In the entries below, find the line with "import ezdxf" and the line with "for name, color, linetype". Return those two lines and all lines between them, exactly.
** Opening Task material block **
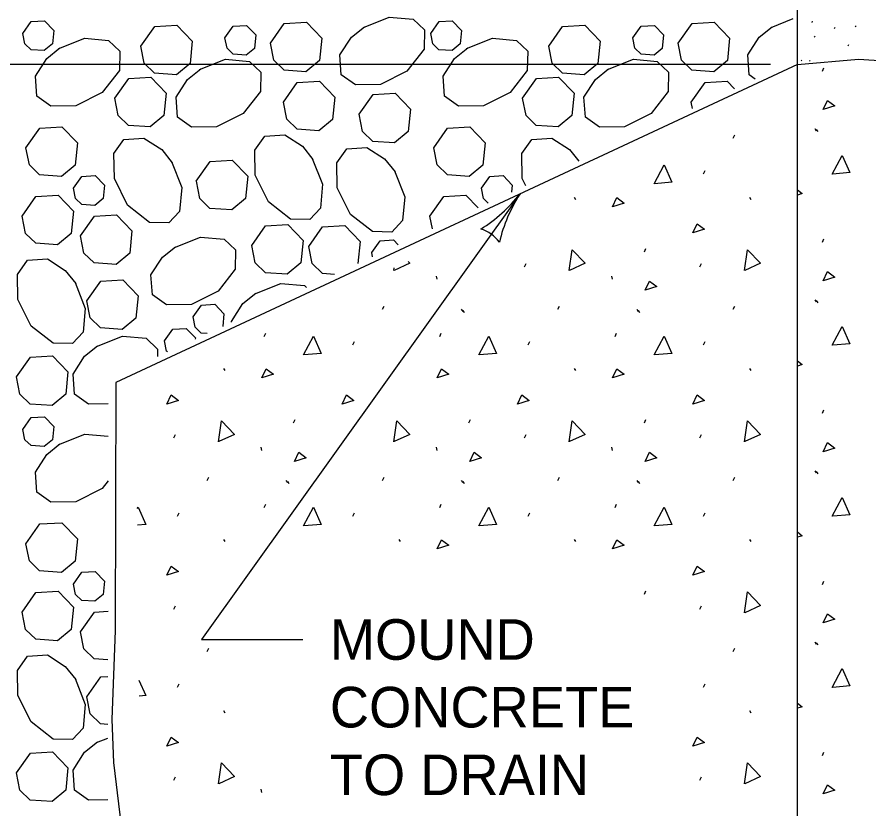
# Model space of a CAD drawing. Extents: x 49991.4 to 50021, y 49987.6 to 50011.4.
# Drawn here: x 50001.858 to 50003.118, y 49993.449 to 49994.619 of the extents above; entities that cross this region are included whole.
import ezdxf

# ---------------------------------------------------------------- set-up
doc = ezdxf.new("R2010")
doc.units = 0
for name, color, linetype in [('Level 1', 7, 'Continuous'), ('Level 2', 7, 'Continuous'), ('Level 3', 7, 'Continuous')]:
    doc.layers.add(name, color=color, linetype=linetype)

msp = doc.modelspace()

# ---------------------------------------------------------------- linework, layer by layer
at = {"layer": 'Level 1'}
for p, q in [((50003.0123, 49990.7229), (50003.0123, 49996.1466)), ((50003.0339, 49994.6108), (50003.0348, 49994.6128)), ((50003.0673, 49994.6018), (50003.0681, 49994.6038)), ((50003.0977, 49994.6061), (50003.0986, 49994.6047)), ((50003.0371, 49994.5905), (50003.038, 49994.5892)), ((50003.0872, 49994.5764), (50003.0881, 49994.5784)), ((50003.0123, 49994.549), (50002.0044, 49994.079)), ((50003.0177, 49994.5554), (50003.0186, 49994.5541)), ((50003.0302, 49994.5549), (50003.0311, 49994.5536)), ((50003.0493, 49994.539), (50003.0515, 49994.5439)), ((50002.9175, 49994.4398), (50002.9197, 49994.4447)), ((50003.0379, 49994.454), (50003.0401, 49994.4508)), ((50003.0401, 49994.4528), (50003.0423, 49994.4496)), ((50002.8736, 49994.3873), (50002.8758, 49994.3921)), ((50002.682, 49994.3526), (50002.6842, 49994.3494)), ((50002.9413, 49994.3526), (50002.9435, 49994.3494)), ((50003.0493, 49994.2862), (50003.0515, 49994.291)), ((50002.786, 49994.272), (50002.7881, 49994.2768)), ((50002.6089, 49994.2498), (50002.6111, 49994.2546)), ((50002.8682, 49994.2498), (50002.8704, 49994.2546)), ((50002.4783, 49994.2362), (50002.4789, 49994.2313)), ((50002.7376, 49994.2362), (50002.7382, 49994.2313)), ((50002.3989, 49994.187), (50002.401, 49994.1918)), ((50002.6582, 49994.187), (50002.6604, 49994.1918)), ((50002.9175, 49994.187), (50002.9197, 49994.1918)), ((50003.0379, 49994.2012), (50003.0401, 49994.1979)), ((50003.0401, 49994.1999), (50003.0423, 49994.1967)), ((50002.5153, 49994.187), (50002.5174, 49994.1837)), ((50002.5174, 49994.1857), (50002.5196, 49994.1825)), ((50002.7746, 49994.187), (50002.7767, 49994.1837)), ((50002.7767, 49994.1857), (50002.7789, 49994.1825)), ((50002.224, 49994.1468), (50002.2262, 49994.1517)), ((50002.4833, 49994.1468), (50002.4855, 49994.1517)), ((50002.7426, 49994.1468), (50002.7448, 49994.1517)), ((50002.355, 49994.1344), (50002.3572, 49994.1393)), ((50002.6143, 49994.1344), (50002.6165, 49994.1393)), ((50002.8736, 49994.1344), (50002.8758, 49994.1393)), ((50002.1634, 49994.0997), (50002.1655, 49994.0965)), ((50002.682, 49994.0997), (50002.6842, 49994.0965)), ((50002.9413, 49994.0997), (50002.9435, 49994.0965)), ((50003.0493, 49994.0333), (50003.0515, 49994.0382)), ((50002.2673, 49994.0191), (50002.2695, 49994.024)), ((50002.5266, 49994.0191), (50002.5288, 49994.024)), ((50002.786, 49994.0191), (50002.7881, 49994.024)), ((50002.0903, 49993.9969), (50002.0925, 49994.0018)), ((50002.6089, 49993.9969), (50002.6111, 49994.0018)), ((50002.8682, 49993.9969), (50002.8704, 49994.0018)), ((50002.219, 49993.9833), (50002.2196, 49993.9784)), ((50002.4783, 49993.9833), (50002.4789, 49993.9784)), ((50002.7376, 49993.9833), (50002.7382, 49993.9784)), ((50002.1396, 49993.9341), (50002.1417, 49993.939)), ((50002.3989, 49993.9341), (50002.401, 49993.939)), ((50002.6582, 49993.9341), (50002.6604, 49993.939)), ((50002.9175, 49993.9341), (50002.9197, 49993.939)), ((50003.0379, 49993.9483), (50003.0401, 49993.9451)), ((50003.0401, 49993.9471), (50003.0423, 49993.9438)), ((50002.256, 49993.9341), (50002.2581, 49993.9308)), ((50002.2581, 49993.9329), (50002.2603, 49993.9296)), ((50002.5153, 49993.9341), (50002.5174, 49993.9308)), ((50002.5174, 49993.9329), (50002.5196, 49993.9296)), ((50002.7746, 49993.9341), (50002.7767, 49993.9308)), ((50002.7767, 49993.9329), (50002.7789, 49993.9296)), ((50002.224, 49993.894), (50002.2262, 49993.8988)), ((50002.4833, 49993.894), (50002.4855, 49993.8988)), ((50002.7426, 49993.894), (50002.7448, 49993.8988)), ((50002.0957, 49993.8815), (50002.0979, 49993.8864)), ((50002.355, 49993.8815), (50002.3572, 49993.8864)), ((50002.6143, 49993.8815), (50002.6165, 49993.8864)), ((50002.8736, 49993.8815), (50002.8758, 49993.8864)), ((50002.1634, 49993.8469), (50002.1655, 49993.8436)), ((50002.4227, 49993.8469), (50002.4249, 49993.8436)), ((50002.682, 49993.8469), (50002.6842, 49993.8436)), ((50002.9413, 49993.8469), (50002.9435, 49993.8436)), ((50003.0493, 49993.7804), (50003.0515, 49993.7853)), ((50002.786, 49993.7662), (50002.7881, 49993.7711)), ((50002.0903, 49993.744), (50002.0925, 49993.7489)), ((50002.8682, 49993.744), (50002.8704, 49993.7489)), ((50003.0379, 49993.6954), (50003.0401, 49993.6922)), ((50003.0401, 49993.6942), (50003.0423, 49993.691)), ((50002.1396, 49993.6812), (50002.1417, 49993.6861)), ((50002.9175, 49993.6812), (50002.9197, 49993.6861)), ((50002.0957, 49993.6286), (50002.0979, 49993.6335)), ((50002.8736, 49993.6286), (50002.8758, 49993.6335)), ((50002.1634, 49993.594), (50002.1655, 49993.5908)), ((50002.9413, 49993.594), (50002.9435, 49993.5908)), ((50003.0493, 49993.5276), (50003.0515, 49993.5324)), ((50002.0903, 49993.4911), (50002.0925, 49993.496)), ((50002.8682, 49993.4911), (50002.8704, 49993.496)), ((50002.219, 49993.4776), (50002.2196, 49993.4727))]:
    msp.add_line(p, q, dxfattribs=at)
for points in [[(50002.3705, 49994.6037), (50002.4088, 49994.6189), (50002.444, 49994.6159), (50002.4607, 49994.6), (50002.4602, 49994.5714), (50002.4348, 49994.5389), (50002.3956, 49994.5193), (50002.3586, 49994.5187), (50002.3377, 49994.5335), (50002.3358, 49994.5629), (50002.3527, 49994.5893), (50002.372, 49994.6047)], [(50001.867, 49994.5947), (50001.8793, 49994.6122), (50001.8989, 49994.6133), (50001.9125, 49994.5992), (50001.9106, 49994.5793), (50001.8984, 49994.5693), (50001.8791, 49994.5707), (50001.8699, 49994.5795), (50001.867, 49994.5947)], [(50002.0415, 49994.576), (50002.062, 49994.6051), (50002.0947, 49994.607), (50002.1174, 49994.5834), (50002.1141, 49994.5504), (50002.0939, 49994.5336), (50002.0616, 49994.5359), (50002.0464, 49994.5507), (50002.0415, 49994.576)], [(50002.1658, 49994.588), (50002.1781, 49994.6055), (50002.1977, 49994.6066), (50002.2114, 49994.5924), (50002.2094, 49994.5726), (50002.1973, 49994.5625), (50002.1779, 49994.5639), (50002.1688, 49994.5728), (50002.1658, 49994.588)], [(50002.233, 49994.5804), (50002.2534, 49994.6096), (50002.2862, 49994.6114), (50002.3089, 49994.5879), (50002.3056, 49994.5548), (50002.2854, 49994.538), (50002.2531, 49994.5403), (50002.2379, 49994.5551), (50002.233, 49994.5804)], [(50002.4701, 49994.5947), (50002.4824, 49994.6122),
** Closing Task material block **
» **Solution for this problem**:
import ezdxf

# ---------------------------------------------------------------- set-up
doc = ezdxf.new("R2010")
doc.units = 0
for name, color, linetype in [('Level 1', 7, 'Continuous'), ('Level 2', 7, 'Continuous'), ('Level 3', 7, 'Continuous')]:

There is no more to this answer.